Google on Wednesday, 18 November, announced that it would soon launch a new "stream" feature in its Google Search to help users stream apps and see results from then even if the app was not installed on their phones or had a website.

It's been a couple of years now that Google has launched the feature of showing app results while searching for something, provided the app is installed on phones or has a website. For example, if anyone is planning a trip and wants to check the hotels available, the results of the "HotelTonight" app can be viewed while searching.

This feature gained so much popularity that Google now has more than 100 billion deep links into apps in its index, including social networking sites' apps such as Facebook, Instagram, Pinterest, and many more — resulting in people looking at 40% app content while searching.

The new feature will have a "Stream" button right next to the app result, and with one tap on it the user will receive the streamed version of the app on their phones, so the requirements can be quickly and easily met. For instance, in case of the "HotelTonight" app, users can not only view the streamed results but also make a booking, as if the app is already installed on the phone.

Furthermore, if the user does want to instal the app, it will be only a click away!

The "Stream" feature will use a new cloud-based technology, which Google has said it is currently experimenting with.

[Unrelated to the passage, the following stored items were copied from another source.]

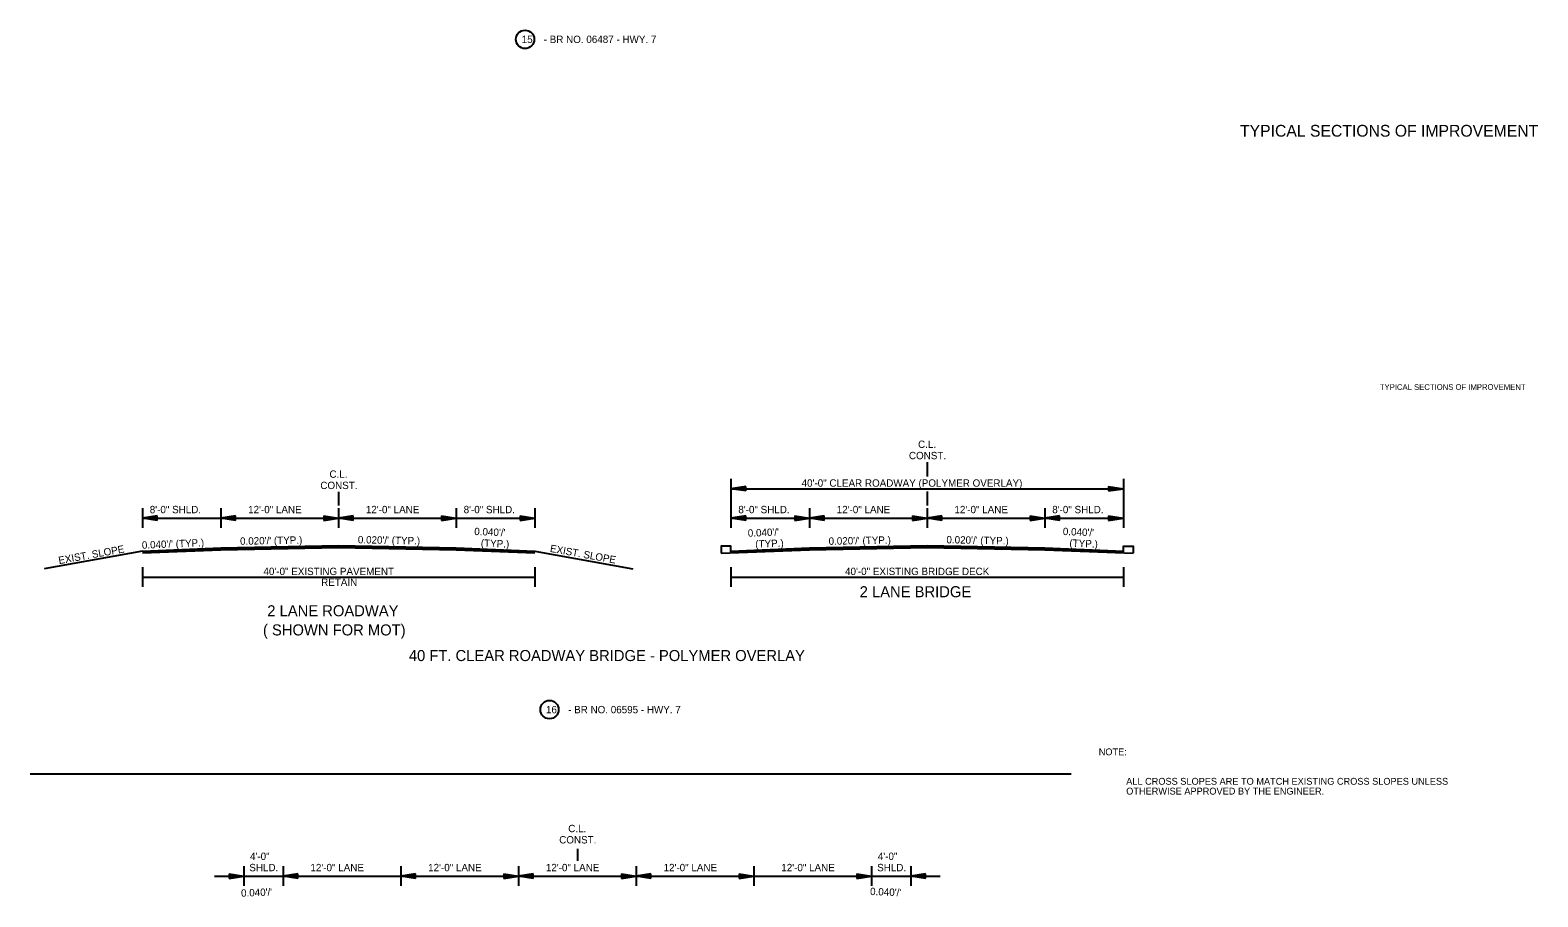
# Model space of a CAD drawing. Extents: x 550980 to 1930787, y -1972975 to 596640.
# Drawn here: x 551009 to 552546, y -1952456 to -1951574 of the extents above; entities that cross this region are included whole.
import ezdxf

# ---------------------------------------------------------------- set-up
doc = ezdxf.new("R2010")
doc.units = 0
for name, color, linetype in [('R_Border', 7, 'Continuous'), ('R_Border Notes', 7, 'Continuous'), ('R_Draft', 7, 'Continuous'), ('S_AREA_CALC', 7, 'Continuous')]:
    doc.layers.add(name, color=color, linetype=linetype)

# ---------------------------------------------------------------- blocks, each defined once
blk = doc.blocks.new('BPPOLY')
at = {"layer": 'R_Border'}
blk.add_circle((0, 0), 9.34, dxfattribs=at)
blk = doc.blocks.new('ARROW')
at = {"layer": 'R_Draft'}
for p, q in [((-2, 0.3), (0, 0)), ((-2, 0.3), (-2, -0.3)), ((-2, 0.25), (-0.334, 0)), ((-2, 0.199), (-0.678, 0)), ((-2, 0.149), (-1.011, 0)), ((-2, 0.097), (-1.35, 0)), ((-2, 0.047), (-1.684, 0)), ((-2, -0.3), (0, 0)), ((-2, -0.098), (-1.35, 0)), ((-2, -0.199), (-0.678, 0)), ((-2, -0.25), (-0.334, 0)), ((-2, -0.149), (-1.011, 0)), ((-2, -0.047), (-1.684, 0))]:
    blk.add_line(p, q, dxfattribs=at)

msp = doc.modelspace()

# ---------------------------------------------------------------- linework, layer by layer
at = {"layer": 'R_Border'}
for p, q in [((551923.4, -1952013.7), (551923.4, -1952028.2)), ((551723.4, -1952030.7), (551723.4, -1952080.7)), ((551723.4, -1952040.7), (552123.4, -1952040.7)), ((552123.4, -1952030.7), (552123.4, -1952080.7)), ((551323.4, -1952043.9), (551323.4, -1952057.7)), ((551923.4, -1952043.7), (551923.4, -1952057.7)), ((551123.4, -1952060.7), (551123.4, -1952080.7)), ((551123.4, -1952070.7), (551523.4, -1952070.7)), ((551203.4, -1952060.7), (551203.4, -1952080.7)), ((551323.4, -1952060.7), (551323.4, -1952080.7)), ((551443.4, -1952060.7), (551443.4, -1952080.7)), ((551523.4, -1952060.7), (551523.4, -1952080.7)), ((551723.4, -1952070.7), (552123.4, -1952070.7)), ((551803.4, -1952060.7), (551803.4, -1952080.7)), ((551923.4, -1952060.7), (551923.4, -1952080.7)), ((552043.4, -1952060.7), (552043.4, -1952080.7)), ((551123.4, -1952104.3), (551023.4, -1952122.3)), ((551523.4, -1952104.3), (551623.4, -1952122.3)), ((551123.4, -1952120.7), (551123.4, -1952140.7)), ((551123.4, -1952130.7), (551523.4, -1952130.7)), ((551523.4, -1952120.7), (551523.4, -1952140.7)), ((551723.4, -1952120.7), (551723.4, -1952140.7)), ((551723.4, -1952130.7), (552123.4, -1952130.7)), ((552123.4, -1952120.7), (552123.4, -1952140.7)), ((551009, -1952331.3), (552070.2, -1952331.3)), ((551566.8, -1952407.6), (551566.8, -1952419.7)), ((551226.8, -1952425.4), (551226.8, -1952445.4)), ((551266.8, -1952425.4), (551266.8, -1952445.4)), ((551386.8, -1952425.4), (551386.8, -1952445.4)), ((551506.8, -1952425.4), (551506.8, -1952445.4)), ((551626.8, -1952425.4), (551626.8, -1952445.4)), ((551746.8, -1952425.4), (551746.8, -1952445.4)), ((551866.8, -1952425.4), (551866.8, -1952445.4)), ((551906.8, -1952425.4), (551906.8, -1952445.4)), ((551196.8, -1952435.4), (551936.8, -1952435.4))]:
    msp.add_line(p, q, dxfattribs=at)
for points in [[(551123.4, -1952104.3), (551203.4, -1952101.1), (551323.4, -1952098.7), (551443.4, -1952101.1), (551523.4, -1952104.3)], [(551123.4, -1952104.6), (551203.4, -1952101.4), (551323.4, -1952099), (551443.4, -1952101.4), (551523.4, -1952104.6)], [(551123.4, -1952104.9), (551203.4, -1952101.7), (551323.4, -1952099.3), (551443.4, -1952101.7), (551523.4, -1952104.9)], [(551123.4, -1952105.2), (551203.4, -1952102), (551323.4, -1952099.6), (551443.4, -1952102), (551523.4, -1952105.2)], [(551123.4, -1952105.5), (551203.4, -1952102.3), (551323.4, -1952099.9), (551443.4, -1952102.3), (551523.4, -1952105.5)], [(551123.4, -1952105.8), (551203.4, -1952102.6), (551323.4, -1952100.2), (551443.4, -1952102.6), (551523.4, -1952105.8)], [(551123.4, -1952106.1), (551203.4, -1952102.9), (551323.4, -1952100.5), (551443.4, -1952102.9), (551523.4, -1952106.1)], [(551723.4, -1952105.8), (551723.4, -1952099.3), (551713.4, -1952099.3), (551713.4, -1952106.5)], [(551713.4, -1952106.5), (551803.4, -1952102.9), (551923.4, -1952100.5), (552043.4, -1952102.9), (552133.4, -1952106.5)], [(551723.4, -1952104.3), (551803.4, -1952101.1), (551923.4, -1952098.7), (552043.4, -1952101.1), (552123.4, -1952104.3)], [(551723.4, -1952104.6), (551803.4, -1952101.4), (551923.4, -1952099), (552043.4, -1952101.4), (552123.4, -1952104.6)], [(551723.4, -1952104.9), (551803.4, -1952101.7), (551923.4, -1952099.3), (552043.4, -1952101.7), (552123.4, -1952104.9)], [(551723.4, -1952105.2), (551803.4, -1952102), (551923.4, -1952099.6), (552043.4, -1952102), (552123.4, -1952105.2)], [(551723.4, -1952105.5), (551803.4, -1952102.3), (551923.4, -1952099.9), (552043.4, -1952102.3), (552123.4, -1952105.5)], [(551723.4, -1952105.8), (551803.4, -1952102.6), (551923.4, -1952100.2), (552043.4, -1952102.6), (552123.4, -1952105.8)], [(552123.4, -1952106.5), (552123.4, -1952099.3), (552133.4, -1952099.3), (552133.4, -1952106.5)]]:
    msp.add_lwpolyline(points, dxfattribs=at)

# ---------------------------------------------------------------- block references
for p in [(551513.5, -1951583), (551538.4, -1952265.7)]:
    msp.add_blockref('BPPOLY', p, dxfattribs=at)
at = {"layer": 'R_Border', "xscale": 7.5, "yscale": 7.5, "rotation": 180}
for p in [(551723.4, -1952040.7), (551123.4, -1952070.7), (551203.4, -1952070.7), (551323.4, -1952070.7), (551723.4, -1952070.7), (551803.4, -1952070.7), (551923.4, -1952070.7), (552043.4, -1952070.7), (551266.8, -1952435.4), (551386.8, -1952435.4), (551506.8, -1952435.4), (551626.8, -1952435.4), (551906.8, -1952435.4)]:
    msp.add_blockref('ARROW', p, dxfattribs=at)
at = {"layer": 'R_Border', "xscale": 7.5, "yscale": 7.5}
for p in [(552123.4, -1952040.7), (551323.4, -1952070.7), (551443.4, -1952070.7), (551523.4, -1952070.7), (551803.4, -1952070.7), (551923.4, -1952070.7), (552043.4, -1952070.7), (552123.4, -1952070.7), (551226.8, -1952435.4), (551506.8, -1952435.4), (551626.8, -1952435.4), (551746.8, -1952435.4), (551866.8, -1952435.4)]:
    msp.add_blockref('ARROW', p, dxfattribs=at)

# ---------------------------------------------------------------- texts
at = {"layer": 'R_Border'}
for s, height, p in [('15', 7.5, (551510.1, -1951586.7)), ('- BR NO. 06487 - HWY. 7', 7.5, (551532.5, -1951586.7)), ('C.L.', 7.5, (551914.1, -1951999.2)), ('CONST.', 7.5, (551904.8, -1952010.7)), ('C.L.', 7.5, (551314.1, -1952029.6)), ('CONST.', 7.5, (551304.8, -1952041.1)), ('40\'-0" CLEAR ROADWAY (POLYMER OVERLAY)', 7.5, (551795.4, -1952038.7)), ('8\'-0" SHLD.', 7.5, (551130.9, -1952065.7)), ('12\'-0" LANE', 7.5, (551231.2, -1952065.7)), ('12\'-0" LANE', 7.5, (551351.2, -1952065.7)), ('8\'-0" SHLD.', 7.5, (551450.9, -1952065.7)), ('8\'-0" SHLD.', 7.5, (551730.9, -1952065.7)), ('12\'-0" LANE', 7.5, (551831.2, -1952065.7)), ('12\'-0" LANE', 7.5, (551951.2, -1952065.7)), ('8\'-0" SHLD.', 7.5, (552050.9, -1952065.7)), ('40\'-0" EXISTING PAVEMENT', 7.5, (551246.8, -1952128.7)), ('RETAIN', 7.5, (551305.6, -1952139.7)), ('40\'-0" EXISTING BRIDGE DECK', 7.5, (551839.7, -1952128.7)), ('2 LANE BRIDGE ', 11.25, (551854.6, -1952151.3)), ('2 LANE ROADWAY', 11.25, (551250.7, -1952170.7)), ('( SHOWN FOR MOT)', 11.25, (551246.3, -1952190.2)), ('40 FT. CLEAR ROADWAY BRIDGE - POLYMER OVERLAY', 11.25, (551395, -1952216.3)), ('16', 7.5, (551534.8, -1952269.5)), ('- BR NO. 06595 - HWY. 7', 7.5, (551557.4, -1952269.5)), ('CONST.', 7.5, (551548.3, -1952402.1)), ('C.L.', 7.5, (551557.5, -1952390.6)), ('4\'-0"', 7.5, (551233.1, -1952418.9)), ('4\'-0"', 7.5, (551873.1, -1952418.9)), ('SHLD.', 7.5, (551232.4, -1952430.4)), ('12\'-0" LANE', 7.5, (551294.7, -1952430.4)), ('12\'-0" LANE', 7.5, (551414.7, -1952430.4)), ('12\'-0" LANE', 7.5, (551534.7, -1952430.4)), ('12\'-0" LANE', 7.5, (551654.7, -1952430.4)), ('12\'-0" LANE', 7.5, (551774.7, -1952430.4)), ('SHLD.', 7.5, (551872.4, -1952430.4))]:
    msp.add_text(s, height=height, dxfattribs=at).set_placement(p)
for s, height, rotation, p in [('TYPICAL SECTIONS OF IMPROVEMENT', 12, 360, (552242.3, -1951682.1)), ("0.020'/' (TYP.)", 7.5, 1.1458, (551223, -1952097.9)), ("0.020'/' (TYP.)", 7.5, 358.8542, (551343, -1952096.3)), ("0.040'/'", 7.5, 357.7084, (551461.6, -1952087.9)), ("0.040'/'", 7.5, 2.2916, (551740.7, -1952089.7)), ("0.020'/' (TYP.)", 7.5, 1.1458, (551823, -1952097.9)), ("0.020'/' (TYP.)", 7.5, 358.8542, (551943, -1952096.3)), ("0.040'/'", 7.5, 357.7084, (552061.6, -1952087.9)), ('EXIST. SLOPE', 7.5, 10.204, (551038.5, -1952117.6)), ("0.040'/' (TYP.)", 7.5, 2.2916, (551123, -1952101.9)), ('(TYP.)', 7.5, 357.7084, (551468.3, -1952099.7)), ('EXIST. SLOPE', 7.5, 349.796, (551538.5, -1952105)), ('(TYP.)', 7.5, 2.2916, (551748.3, -1952100.9)), ('(TYP.)', 7.5, 357.7084, (552068.3, -1952099.7)), ("0.040'/'", 7.5, 2.2916, (551224.1, -1952456.4)), ("0.040'/'", 7.5, 357.7084, (551865.1, -1952454.6))]:
    msp.add_text(s, height=height, rotation=rotation, dxfattribs=at).set_placement(p)
at = {"layer": 'R_Border Notes'}
for s, p in [('NOTE: ', (552098.3, -1952312.3)), ('ALL CROSS SLOPES ARE TO MATCH EXISTING CROSS SLOPES UNLESS ', (552126.3, -1952342.3)), ('OTHERWISE APPROVED BY THE ENGINEER.', (552126.3, -1952352.3))]:
    msp.add_text(s, height=7, dxfattribs=at).set_placement(p)
at = {"layer": 'S_AREA_CALC'}
msp.add_text('TYPICAL SECTIONS OF IMPROVEMENT', height=5.862, rotation=360, dxfattribs=at).set_placement((552384.9, -1951940.1))

doc.saveas('drawing.dxf')
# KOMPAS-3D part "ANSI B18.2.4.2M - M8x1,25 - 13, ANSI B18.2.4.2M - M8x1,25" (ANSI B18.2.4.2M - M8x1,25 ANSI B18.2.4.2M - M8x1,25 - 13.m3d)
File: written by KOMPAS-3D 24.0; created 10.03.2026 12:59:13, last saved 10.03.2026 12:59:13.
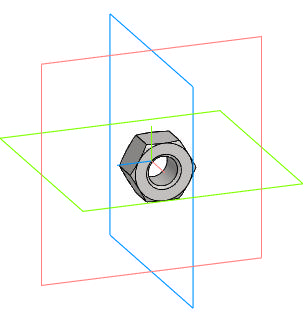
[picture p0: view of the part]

Document properties: Автор: R2D2; Полное имя файла: E:\Работа\Зайцев\BV3232P(4pc)-FP-3WL-F-ISO-H Кран шаровой DN.ru Ду15-100 Ру16\DN65\исходные материалы\ANSI B18.2.4.2M - M8x1,25 ANSI B18.2.4.2M - M8x1,25 - 13.m3d

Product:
- Body: Solid1  | qty 1
- Part/product: ANSI B18.2.4.2M - M8x1,25 - 13  | designation ANSI B18.2.4.2M - M8x1,25
    Комментарий: Типы метрических   шестигранных гаек   2
    additional columns: Сталь, мягкая

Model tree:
1. Solid1  (labels: Solid1)

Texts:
  ANSI B18.2.4.2M - M8x1,25

The technology behind this new feature arrived from a startup called "Agawai", which Google secretly obtained in 2014. The company had been working to develop a way to stream apps on Google Search for quite a while now. It has worked alongside Google in the testing of the new feature that Google has said will mark the first time it has initiated such a consumer-facing streaming technology, reported TechCrunch.

"The app loads in a virtual machine on Google's cloud platform, and the client — the Google app that runs on your phone — sends up the touch interactions to the cloud machine. And that cloud machine executes those touch interactions, renders the app and sends the pixels back down to the client," said Rajan Patel, the director leading the app indexing team inside Google.

Initially, the feature will be available only in the United States and users will have to be on Google on their phone, running Android Lollipop or higher and having a Wi-Fi connection.

The new streaming feature will be enabled for nine apps as of now — HotelTonight, Weather, Chimani, Gormey, My Horoscope, Visual Anatomy Free, Useful Knots, Daily Horoscope, and New York Subway.

Google said it plans to expand its programme in other parts of the world as well.